Effects of FTY720 activation of PI3K signaling pathway to induce autophagy on proliferation and migration of gastric cancer cells

Abstract

Abstract Background Fingolimod (FTY720), a synthetic analogue of myriocon, has been the subject of numerous studies investigating its antitumor activity. Autophagy, a distinctive cellular process in eukaryotic cells, has been extensively explored in cancer metastasis research.The mechanisms by which FTY720 regulates autophagy in gastric cancer are still not clear.Therefore, exploring the relationship between FTY720 and autophagy regulation will help provide a new perspective for GC treatment. Methods We are using gene database analysis to investigate the impact of FTY720 on tumor progression. We aim to elucidate the effects of FTY720 on the biological behavior of gastric cancer cells SGC-7901 and HGC-27 in vitro, particularly focusing on the regulation of autophagy, as well as its influence on tumor growth in vivo. We will integrate histological and molecular methods to assess the biological behavior and explore the molecular mechanisms both in vitro and in vivo.
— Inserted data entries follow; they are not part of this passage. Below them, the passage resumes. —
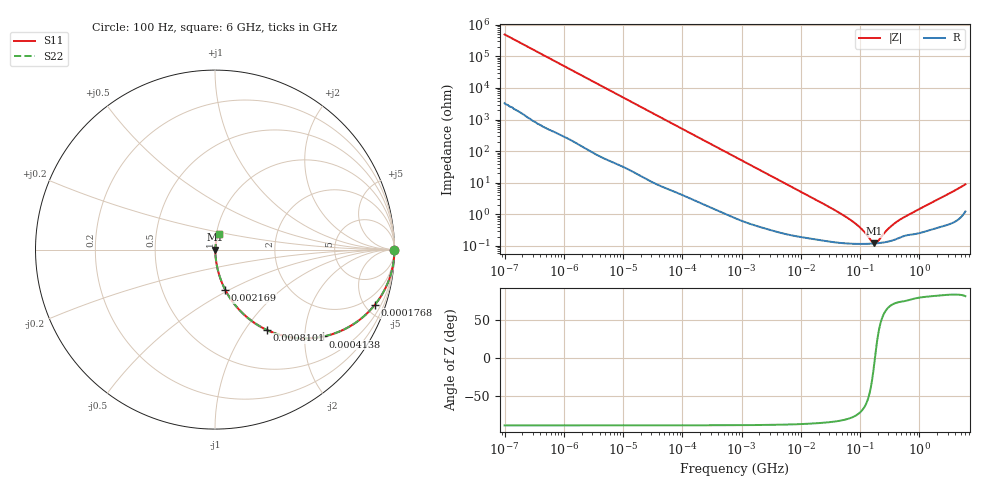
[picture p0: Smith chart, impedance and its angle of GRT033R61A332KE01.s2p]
!Murata Part Number: GRT033R61A332KE01
!These Parameters are Measured in Series Mode Connection
!Data Generated on Jun 19, 2026
!  o--ll--o
!Port1  Port2
!  o------o
!Operation Temp=25[degC], DC Bias Voltage=0[V]
!Freq. Start=100[Hz] Stop=6[GHz] 401[Steps]
# Hz S RI R 50
!Freq.(Hz) S11(Real) S11(Imag) S21(Real) S21(Imag) S12(Real) S12(Imag) S22(Real) S22(Imag)
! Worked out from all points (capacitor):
!   401 points, 100 Hz to 6 GHz, reference 50 ohm
!   read as one part in series: C = 3.21 nF near 109 Hz
!   lowest |Z| = 121 mohm at 174.6 MHz (marker M1)
!   series resonance near 178.5 MHz, so ESL is about 250 pH
!   S11 on the Smith chart (normalised r, x): 100 Hz: open; 176.8 kHz: 1.05, -5.76; 413.8 kHz: 1.03, -2.47; 810.1 kHz: 1.01, -1.27; 2.169 MHz: 1.01, -0.48; 6 GHz: 1.02, +0.18
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100  1 -0.000202  1.4e-06 0.000202  1.4e-06 0.000202  1 -0.000202
2008  1 -0.00402  3.91e-05 0.00402  3.91e-05 0.00402  1 -0.00402
40335  0.9932 -0.0792  0.00684 0.0792  0.00684 0.0792  0.9932 -0.0792
86348  0.9706 -0.165  0.0294 0.165  0.0294 0.165  0.9706 -0.165
176758  0.8903 -0.3081  0.1097 0.3081  0.1097 0.3081  0.8903 -0.3081
264476  0.786 -0.4054  0.214 0.4054  0.214 0.4054  0.786 -0.4054
413847  0.6035 -0.484  0.3965 0.484  0.3965 0.484  0.6035 -0.484
774597  0.3074 -0.4557  0.6926 0.4557  0.6926 0.4557  0.3074 -0.4557
810067  0.2891 -0.4476  0.7109 0.4476  0.7109 0.4476  0.2891 -0.4476
1267578  0.145 -0.3456  0.855 0.3456  0.855 0.3456  0.145 -0.3456
2169299  0.057 -0.2238  0.943 0.2238  0.943 0.2238  0.057 -0.2238
5079039  0.0128 -0.1008  0.9872 0.1008  0.9872 0.1008  0.0128 -0.1008
1.555665e7  0.0028 -0.0334  0.9972 0.0334  0.9972 0.0334  0.0028 -0.0334
4.165952e7  0.00142 -0.0121  0.9986 0.0121  0.9986 0.0121  0.00142 -0.0121
7.455971e7  0.00121 -0.00592  0.9988 0.00592  0.9988 0.00592  0.00121 -0.00592
1.066761e8  0.00117 -0.00322  0.9988 0.00322  0.9988 0.00322  0.00117 -0.00322
1.526266e8  0.00118 -0.00094  0.9988 0.00094  0.9988 0.00094  0.00118 -0.00094
1.745687e8  0.0012 -0.00013  0.9988 0.00013  0.9988 0.00013  0.0012 -0.00013
1.996653e8  0.00123 0.000676  0.9988 -0.000676  0.9988 -0.000676  0.00123 0.000676
3.124326e8  0.00142 0.00351  0.9986 -0.00351  0.9986 -0.00351  0.00142 0.00351
5.346885e8  0.00208 0.00759  0.9979 -0.00759  0.9979 -0.00759  0.00208 0.00759
6e9  0.0198 0.0856  0.9802 -0.0856  0.9802 -0.0856  0.0198 0.0856
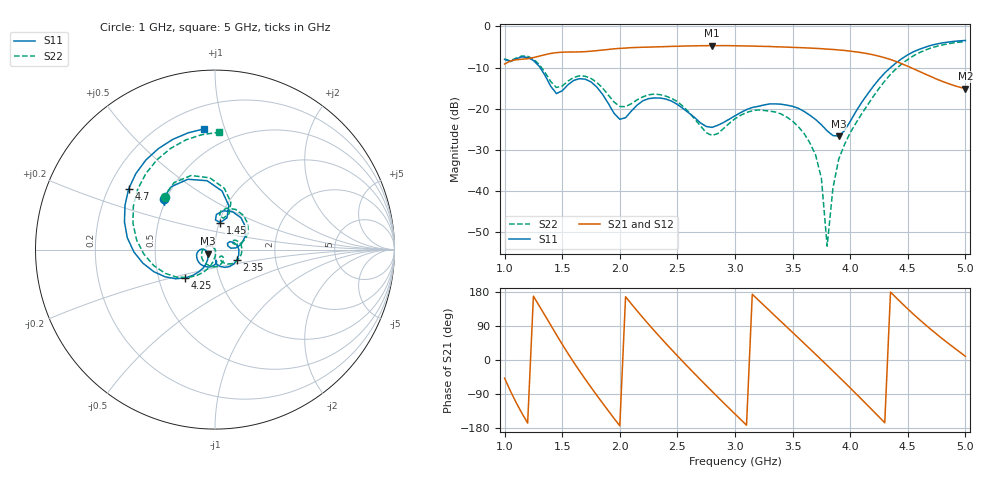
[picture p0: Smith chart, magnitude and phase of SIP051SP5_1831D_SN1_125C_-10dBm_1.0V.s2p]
# GHz  S  dB  R  50
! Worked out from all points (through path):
!   81 points, 1 GHz to 5 GHz, reference 50 ohm
!   highest |S21| = -4.66 dB at 2.8 GHz (marker M1); lowest = -15.1 dB at 5 GHz (marker M2)
!   lowest |S11| = -26.6 dB at 3.9 GHz (marker M3), VSWR 1.10, Z = 46.1 - j2.14 ohm
!   |S11| at or under -10 dB: 1.308 GHz to 4.349 GHz (3.042 GHz wide, 108 % of centre)
!   |S22| runs from -53.3 to -3.7 dB; largest |S21 - S12| = 0.0017
!   S11 on the Smith chart (normalised r, x): 1 GHz: 0.49, +0.33; 1.45 GHz: 1.01, +0.31; 2.35 GHz: 1.27, -0.15; 4.25 GHz: 0.69, -0.23; 4.7 GHz: 0.28, +0.29; 5 GHz: 0.35, +0.85
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1  -8.00 135.2  -9.13 -48.1  -9.12 -47.9  -7.88 133.1
1.1  -7.86 135.6  -8.09 -112.3  -8.10 -112.3  -7.69 131.9
1.25  -8.26 96.6  -7.56 168.4  -7.57 168.4  -7.94 94.2
1.45  -16.30 79.0  -6.36 66.6  -6.34 66.7  -14.83 74.9
1.7  -12.80 50.8  -6.12 -50.6  -6.11 -50.6  -12.10 50.5
1.85  -16.48 11.8  -5.74 -113.6  -5.73 -113.7  -14.93 19.0
2  -22.54 15.7  -5.33 -173.7  -5.32 -173.7  -19.44 18.5
2.2  -18.05 11.6  -5.06 111.9  -5.06 111.9  -17.10 17.2
2.35  -17.38 -25.7  -4.94 60.1  -4.93 60.3  -16.57 -10.0
2.55  -19.95 -70.4  -4.77 -4.9  -4.76 -5.0  -19.43 -48.7
2.8  -24.50 -84.4  -4.66 -82.7  -4.65 -82.7  -26.46 -50.9
3  -21.69 -89.3  -4.70 -142.6  -4.69 -142.6  -22.41 -52.2
3.2  -19.41 -117.7  -4.82 159.0  -4.82 159.0  -20.26 -95.5
3.4  -18.88 -148.8  -4.98 101.3  -4.97 101.3  -21.25 -148.6
3.7  -22.60 177.7  -5.33 15.0  -5.33 14.8  -31.21 133.9
3.75  -23.87 178.3  -5.40 0.3  -5.41 0.4  -36.84 125.1
3.8  -25.35 -177.6  -5.51 -14.2  -5.49 -14.2  -53.33 95.2
3.9  -26.62 -150.3  -5.72 -43.8  -5.71 -43.8  -32.25 -81.5
4.25  -12.83 -136.4  -7.24 -150.1  -7.21 -150.1  -15.05 -125.1
4.35  -9.99 -151.5  -8.04 179.2  -8.05 179.2  -11.63 -144.1
4.7  -4.61 144.8  -12.15 80.8  -12.17 80.8  -5.25 142.0
5  -3.41 95.0  -15.08 9.7  -15.10 9.7  -3.69 88.1

Results Based on the database used in this investigation, it was discovered that FTY720 might inhibit the proliferation of cancer cells via inducing autophagy.FTY720 functions as a regulatory factor to promote autophagy expression, prevent GC cell proliferation, migration, and invasion in culture, and slow the formation of tumors in vivo.Experiments using the autophagy inhibitor (HCQ) revealed that FTY720's regulatory inhibition was dramatically reduced.Additionally, we showed that FTY720 significantly boosted PI3K phosphorylation levels although its total protein levels in GC cell lines did not alter appreciably. Conclusion In conclusion, our study demonstrated that FTY720 activates the PI3K pathway to cause autophagy, limit GC cell migration and invasion, and induce autophagy. It also suggested that FTY720 signaling molecules may be used as prospective GC therapeutic targets.